The Advantage of a great brand

This originally appeared in Juntos Magazine by the Tucson Hispanic Chamber.

Humans are emotional.

We rely on our instincts and feelings to navigate everyday life. One study suggests we make 35,000 choices in a day – of course our guts are making most of those decisions or we’d never make it to breakfast before it was time for bed again.

When it comes to where we choose to spend our money as consumers, the same holds true.

If it’s a larger purchase, we might do some comparison shopping, seek out a few options, maybe ask people we trust what they think and look up some reviews online. But even when we do that: humans are irrational.

We don’t typically make the best objective choice. It takes a lot of discipline to act against your gut and a lot of convincing to change how you feel. Plus, when it comes to making a purchase there isn’t usually an objective choice to begin with. It’s mostly just instinct.

This is where the power of a brand comes in. It’s a shortcut for your brain to make a quick assessment about an organization and its products and services. It’s the story they tell, the story others tell about them and the story you tell yourself.

If you are a business leader, you don’t fully control that story but you can influence it.

You are in charge of the “look” of the brand: the name and logo, colors, words, design elements. But the brand story is so much more than that; it’s told in every touchpoint with your audience including promotion and advertising, the way employees represent and interact with customers, the end-to-end buying experience, etc.

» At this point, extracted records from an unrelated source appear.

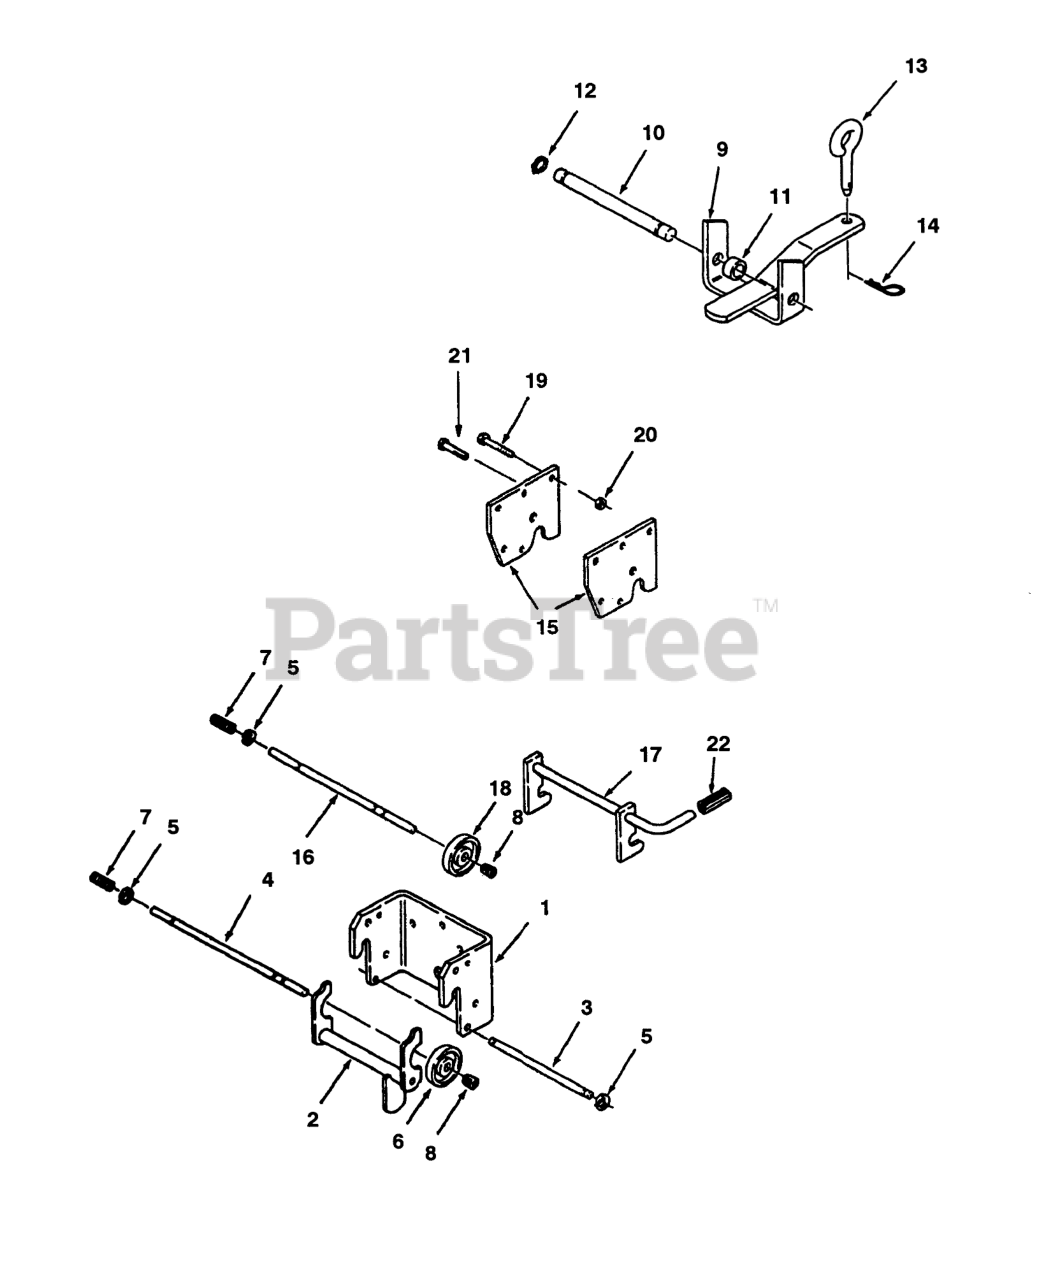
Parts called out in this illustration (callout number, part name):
1	Front Hitch
2	Assy-Latch
3	ROD-LATCH PIVOT
4	ROD-LOCK
5	RING-RETAINING
7	SPRING
8	CAP-ROD, PLUNGER
9	Hitch
10	PIN-STATIONARY HITCH
11	Spacer
12	E-RING
13	PIN-TOOL
14	Hairpin Cotter
15	Hitch Plate
16	ROD-MID HITCH
17	MID HITCH ASM
18	ROD-LOCK
19	SCREW-HH
20	NUT-LOCK, NI
21	SCREW-HH
22	GRIP
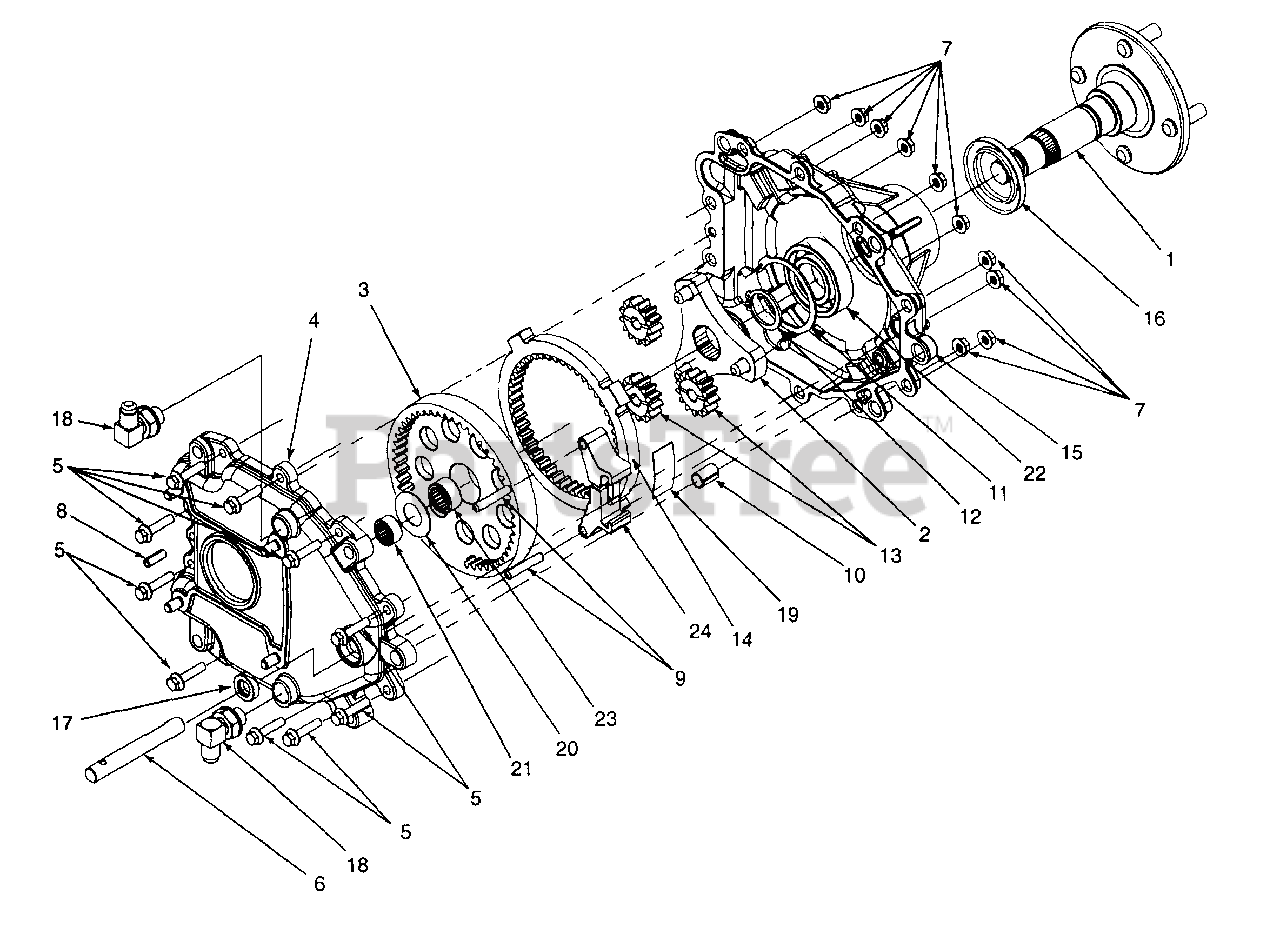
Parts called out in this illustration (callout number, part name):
1	Axle Assembly
2	Carrier Assembly, Output
3	Gear Assembly, 51T Internal & 20T
4	Housing Ass'y
5	Hex Washer Screw 1/4-20 x 1-1/8
6	Brake Shaft
7	Hex Flange Lock Nut 1/4-20
9	Dowel Pin
10	Bushing
11	Inverted Retaining Ring
12	Snap Ring
13	Spur Gear 13T
14	Ring Gear 46T
15	Axle Outer Housing
16	Oil Seal
18	Elbow Fitting
19	Brake Shoe Spring
20	Shim Washer .76 x 1.5 x .030
21	Needle Bearing
22	Ball Bearing
23	Needle Bearing
24	Shoe Brake
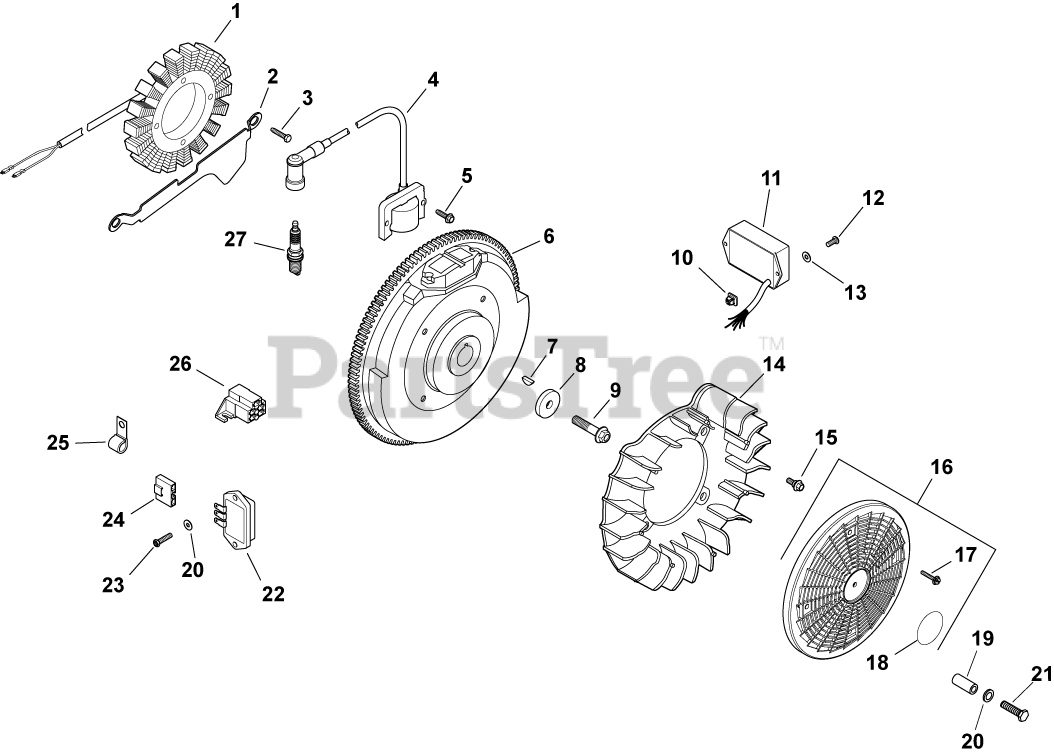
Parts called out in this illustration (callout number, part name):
1	KIT, 15 / 20 AMP STATOR
2	BRACKET, STATOR WIRE
3	SCREW, M5X0.8X25 - (#25086402S)
5	SCREW, SKT THD FRM M5X0.8X25
6	FLYWHEEL, PAINTED-USE 24 025 57-S
7	KEY, 3/16" X 5/8"
8	WASHER, FLAT 13/32"
9	SCREW, FLG M10X1.5X45 - (#25086361S)
10	NUT, PLASTIC
11	MODULE, SPEED ADVANCE-DISCONTINUED SEE PB265
12	SCREW, PHL HD #11-16X1/2"
13	WASHER, FLAT 1/4" (O.D. 1/2")
14	FAN (WITH HOLE)-USE 24 157 16-S
15	BOLT, SHOULDER
16	KIT, GRASS SCREEN
17	SCREW, FLG SEMS M4X.7X25
18	DECAL, GRASS SCREEN USE 24 113 499-S
19	SPACER - DISCONTINUED
20	WASHER, FLAT 3/16"
21	SCREW, SLT HD CAP M4X0.7X25
22	REG/RECT-15 AMP (KM)-USE 41 403 10-S
23	SCREW, PHL HD #11-16X7/8"
24	CONNECTOR, BODY (KM)-USE 25 155 41-S
25	CLIP, CABLE
26	CONNECTOR
27	PLUG, SPARK (STD)
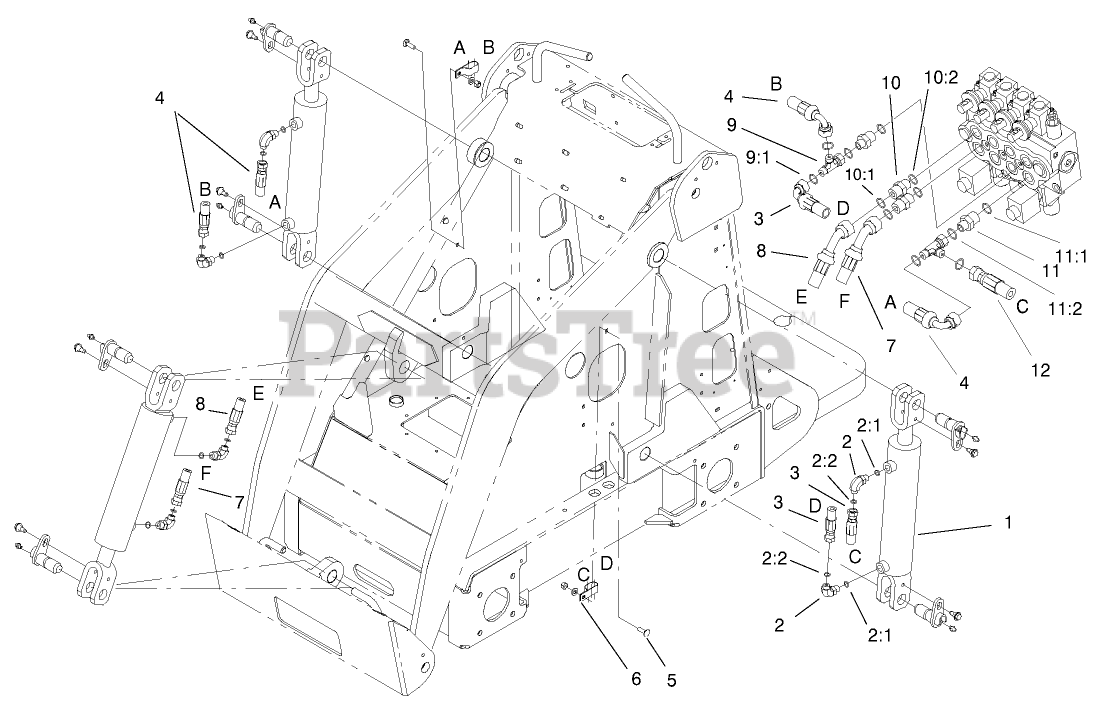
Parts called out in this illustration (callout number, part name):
1	CYLINDER KIT
2	FITTING-ELBOW 90
2:1	O-RING
2:2	O-Ring
3	HYD HOSE ASM
4	HOSE-HYD
5	BOLT-CARR
6	CLAMP-R, DOUBLE
7	HOSE-HYD
8	HOSE-HYD
9	FITTING-HYD
9:1	O-Ring
10	FITTING-STRAIGHT
10:1	O-RING
10:2	O-RING
11	FITTING-STR
11:2	O-RING
11:3	O-Ring
12	HYD HOSE ASM
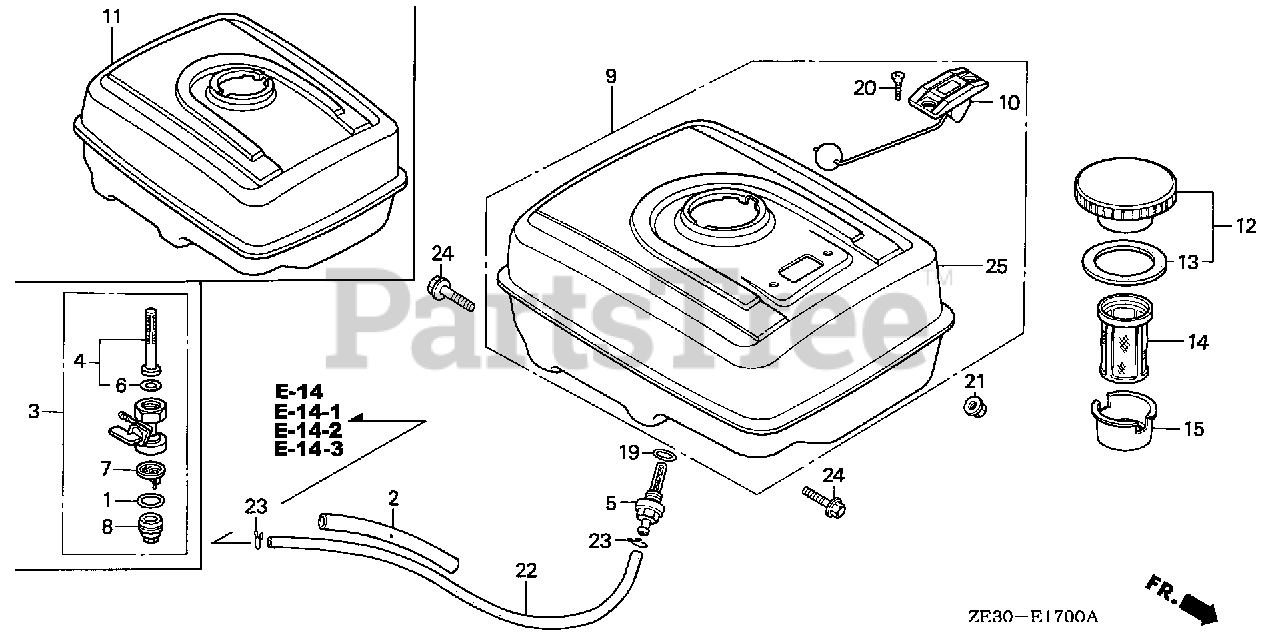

Plus the brand does not exist independently from the products and services it offers. Everything from features and benefits to pricing approach to where you choose to physically locate all contribute to the story.

Great brands deeply understand the story they are trying to tell and are thoughtful and intentional about the choices they make and how they support the larger narrative. We call this a brand position: what space do I want to occupy in the hearts and minds of my audience?

This includes knowing how they want their customers to answer these four questions:

  1. What does it do for me?
  2. How would I describe it?
  3. How does it make me feel?
  4. How does it make me look?

Great brands are consistent. They align their story with their product and how it fits with the desires and opportunities within the market. They believe their story and make sure their employees believe it too. They speak in a consistent voice and never provide a customer experience that betrays that story.

Great brands know that their customers should be the heroes of their story. Ikea creates a better everyday life for the many. Nike provides inspiration and innovation for athletes. Apple designs products to help people “think different.” They can always answer the question: what’s in it for the customer?

In this era of extreme innovation, competition and noise in the market, distinctive and memorable brands have the ultimate competitive advantage. They break through the noise and stand out. They have a dedicated group of believers who are repeat customers and enthusiastic advocates among their friends and networks. They have an organization that employees believe in and competitors envy.

If you are the leader of an organization, whether 1 or 1,000 employees, B2C or B2B, for-profit or nonprofit – you are doing yourself a disservice if you aren’t investing in your brand.

Consider what your foundational brand story is, then think about how your marketing and customer experience helps tell it.

Don’t try to be something you aren’t. Lean into who you are.

And get creative. Knowing your brand story is just the start, getting people to connect with it is where the real work starts.

When your prospective customers go to make a choice it’s inevitable their choice will be significantly influenced by a gut feeling, shaped by the story you tell and the impression your brand leaves on them.

Don’t leave that impression up to chance.